The United States currently has a trade-weighted average import tariff rate of 2.0 percent on industrial goods. One-half of all industrial goods imports enter the United States duty free.

Does the US have tariffs? ›

In 2018, then-President Donald Trump imposed tariffs on $300 billion worth of Chinese goods and his actions were broadly condemned by many at the time as poor economic policy. President Joe Biden has now opted to keep all those tariffs in place and add additional tariffs.

Where is the cheapest energy in the US? ›

North Dakota has the lowest average electricity rate of 10.5 cents per kilowatt-hour.

Why do some people pay more for electric than others? ›

Your bill varies based on your electric utility, the kind of home you live in, and the amount of energy you use. For example, PG&E now charges more for electricity than SCE or SDG&E.

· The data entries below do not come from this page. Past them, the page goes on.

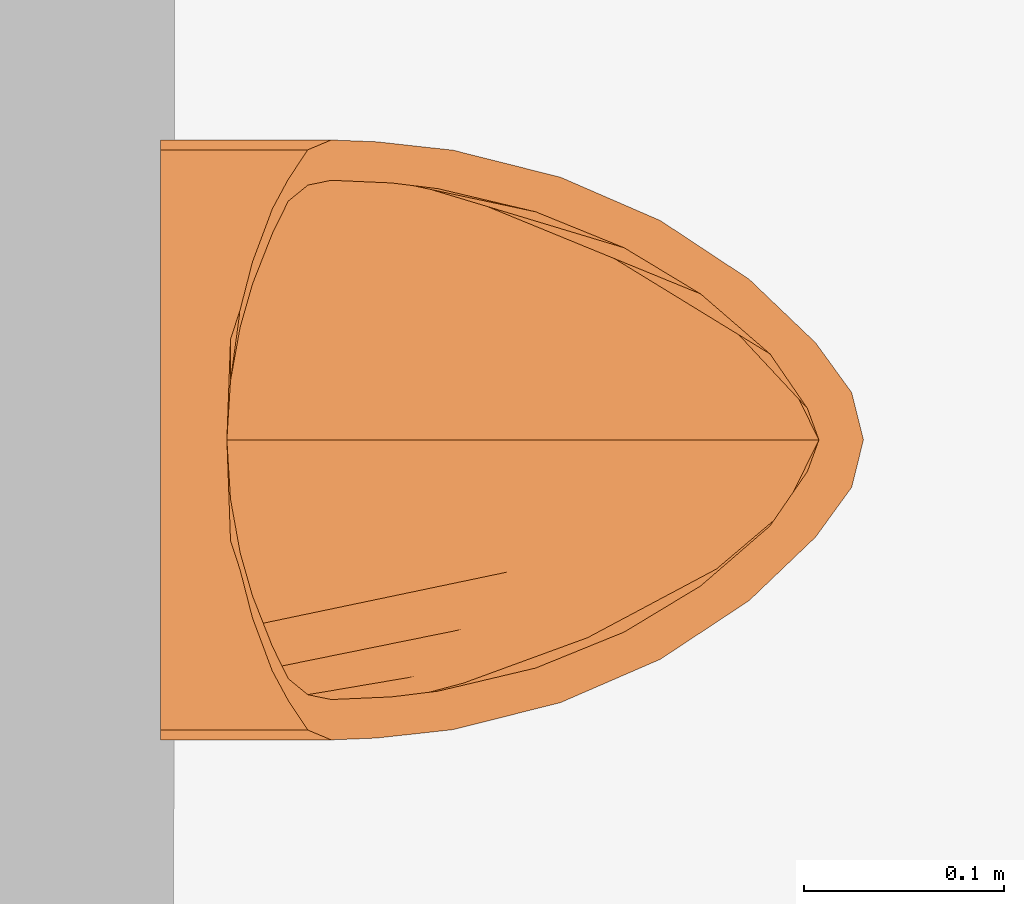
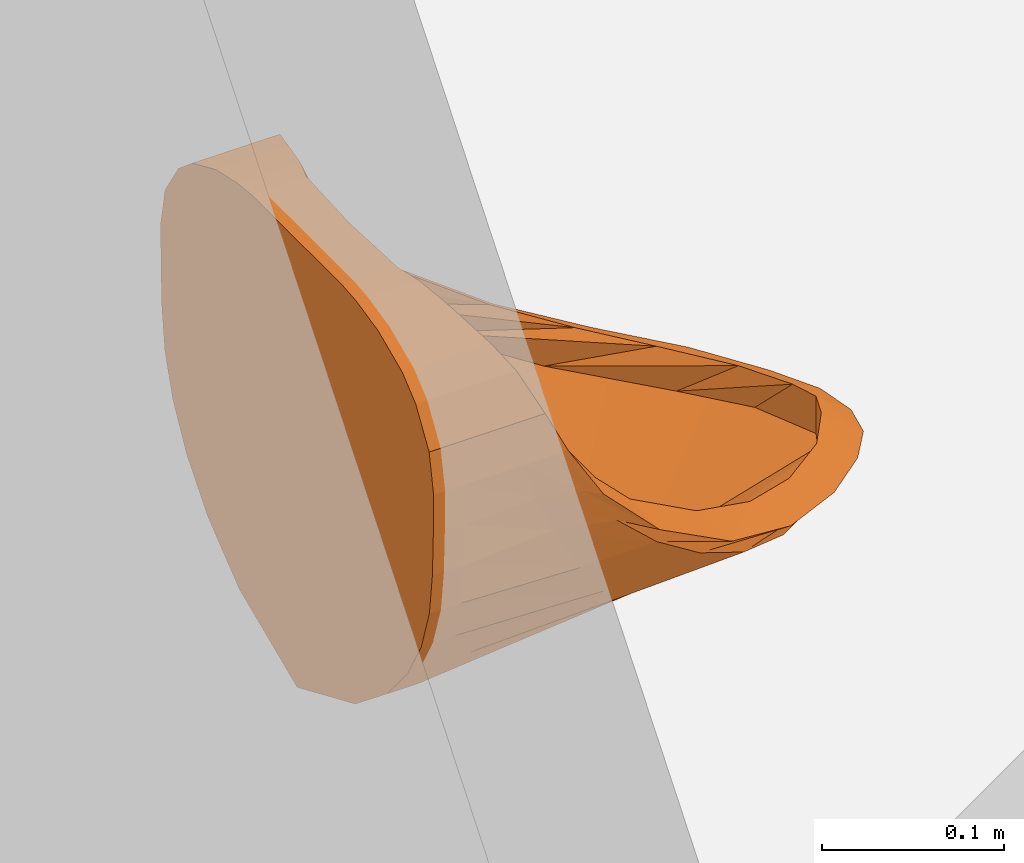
# One storey, part 194 of 196: 1 proxy.
"""IFC2X3 building model written with IfcOpenShell, lengths in metres."""

from ifc_helpers import new_model, entity, si_unit, converted_unit, derived_unit, money_unit, direction, frame, origin_with_axes, place, context, subcontext, project, spatial, open_shell, faceted_brep, surface_model, type_object, element, save


model = new_model("IFC2X3")

# Units and contexts
model_context = context("Model", 3, precision=1e-05, world=origin_with_axes(), true_north=direction((0.0, 1.0)))
body_context = subcontext(model_context, "Body", "Model", "MODEL_VIEW")
ifc_project = project(units=[si_unit("LENGTHUNIT", "METRE"), si_unit("AREAUNIT", "SQUARE_METRE"), si_unit("VOLUMEUNIT", "CUBIC_METRE"), converted_unit("PLANEANGLEUNIT", "DEGREE", entity("IfcPlaneAngleMeasure", 0.0174532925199), si_unit("PLANEANGLEUNIT", "RADIAN"), dimensions=[0, 0, 0, 0, 0, 0, 0]), money_unit("EUR"), converted_unit("TIMEUNIT", "Year", entity("IfcTimeMeasure", 31556926.0), si_unit("TIMEUNIT", "SECOND"), dimensions=[0, 0, 1, 0, 0, 0, 0]), si_unit("MASSUNIT", "GRAM", prefix="KILO"), si_unit("THERMODYNAMICTEMPERATUREUNIT", "DEGREE_CELSIUS"), si_unit("LUMINOUSINTENSITYUNIT", "LUMEN"), si_unit("ENERGYUNIT", "JOULE", prefix="MEGA"), derived_unit("THERMALCONDUCTANCEUNIT", [(si_unit("POWERUNIT", "WATT"), 1), (si_unit("LENGTHUNIT", "METRE"), -1), (si_unit("THERMODYNAMICTEMPERATUREUNIT", "KELVIN"), -1)]), derived_unit("SPECIFICHEATCAPACITYUNIT", [(si_unit("ENERGYUNIT", "JOULE"), 1), (si_unit("MASSUNIT", "GRAM", prefix="KILO"), -1), (si_unit("THERMODYNAMICTEMPERATUREUNIT", "KELVIN"), -1)]), derived_unit("MASSDENSITYUNIT", [(si_unit("MASSUNIT", "GRAM", prefix="KILO"), 1), (si_unit("VOLUMEUNIT", "CUBIC_METRE"), -1)])], contexts=[model_context])

# Site, building, storey
site_placement = place(None, origin_with_axes())
site = spatial("IfcSite", under=ifc_project, at=site_placement, Name="Gelände", CompositionType="ELEMENT")
building_placement = place(site_placement, origin_with_axes())
building = spatial("IfcBuilding", under=site, at=building_placement, Name="Gebäude", CompositionType="ELEMENT")
storey_placement = place(building_placement, frame((0.0, 0.0, -3.0), z_axis=(0.0, 0.0, 1.0), x_axis=(1.0, 0.0, 0.0)))
storey = spatial("IfcBuildingStorey", under=building, at=storey_placement, Name="KELLERGESCHOSS", CompositionType="ELEMENT", Elevation=-3.0)

# Proxy
building_element_proxy_type = type_object("IfcBuildingElementProxyType", Name="Urinal 1 25", PredefinedType="NOTDEFINED")
proxy_placement = place(storey_placement, frame((13.3709975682, 23.1837958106, -0.149475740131), z_axis=(0.0, 0.0, 1.0), x_axis=(0.0, 1.0, 0.0)))
element("IfcBuildingElementProxy", 1, at=proxy_placement, inside=storey, type_object=building_element_proxy_type, Name="Objekt-00220", context=body_context, shape_type="SurfaceModel", body=[
    faceted_brep([(0.0, 0.00663189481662, 1.0), (-0.0503710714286, 0.00663189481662, 0.999898), (-0.0503710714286, 0.0, 0.999898), (0.0, 0.0, 1.0), (0.0503710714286, 0.00663189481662, 0.999898), (0.0650260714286, 0.00663189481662, 0.998525), (0.0890367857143, 0.00663189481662, 0.993198), (0.115533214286, 0.00663189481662, 0.981535), (0.130329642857, 0.00663189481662, 0.969181), (0.1451025, 0.00663189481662, 0.945871), (0.15, 0.00663189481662, 0.920148), (0.149671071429, 0.00663189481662, 0.89263), (0.148683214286, 0.00663189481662, 0.865111), (0.145370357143, 0.00663189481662, 0.837593), (0.136527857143, 0.00663189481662, 0.810074), (0.121330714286, 0.00663189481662, 0.782556), (0.0982478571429, 0.00663189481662, 0.755037), (0.0638796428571, 0.00663189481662, 0.727519), (0.0, 0.00663189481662, 0.7), (-0.0638796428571, 0.00663189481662, 0.727519), (-0.0982478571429, 0.00663189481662, 0.755037), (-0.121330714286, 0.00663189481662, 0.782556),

What costs the most on energy bill? ›

What costs the most on your electric bill? Heating and cooling are by far the greatest energy users in the home, making up around 40% of your electric bill. Other big users are washers, dryers, ovens, and stoves. Electronic devices like laptops and TVs are usually pretty cheap to run, but of course, it can all add up.

Can price caps stop inflation? ›

Governments can use wage and price controls to fight inflation. These policies fared poorly in the past, leading governments to look elsewhere to control the economy. Governments may pursue a contractionary monetary policy, reducing the money supply within an economy.

Why is the price cap regulation important? ›

Price cap regulation has a phenomenal role in the utility industry. It helps to maintain the price balance in the market. In addition, it also boosts productivity levels. Also, there is equal distribution of profits among all firms.

Is price war illegal? ›

A naked agreement among competitors to fix prices is almost always illegal, whether prices are specified at a minimum, maximum, or within some range.

What is cap pricing? ›

CAP pricing typically refers to a bundled price for implantable components used during a surgical case. Line item discount refers to a percent discount from list price on a vendor's implantable and non- implantable products used during a surgical case.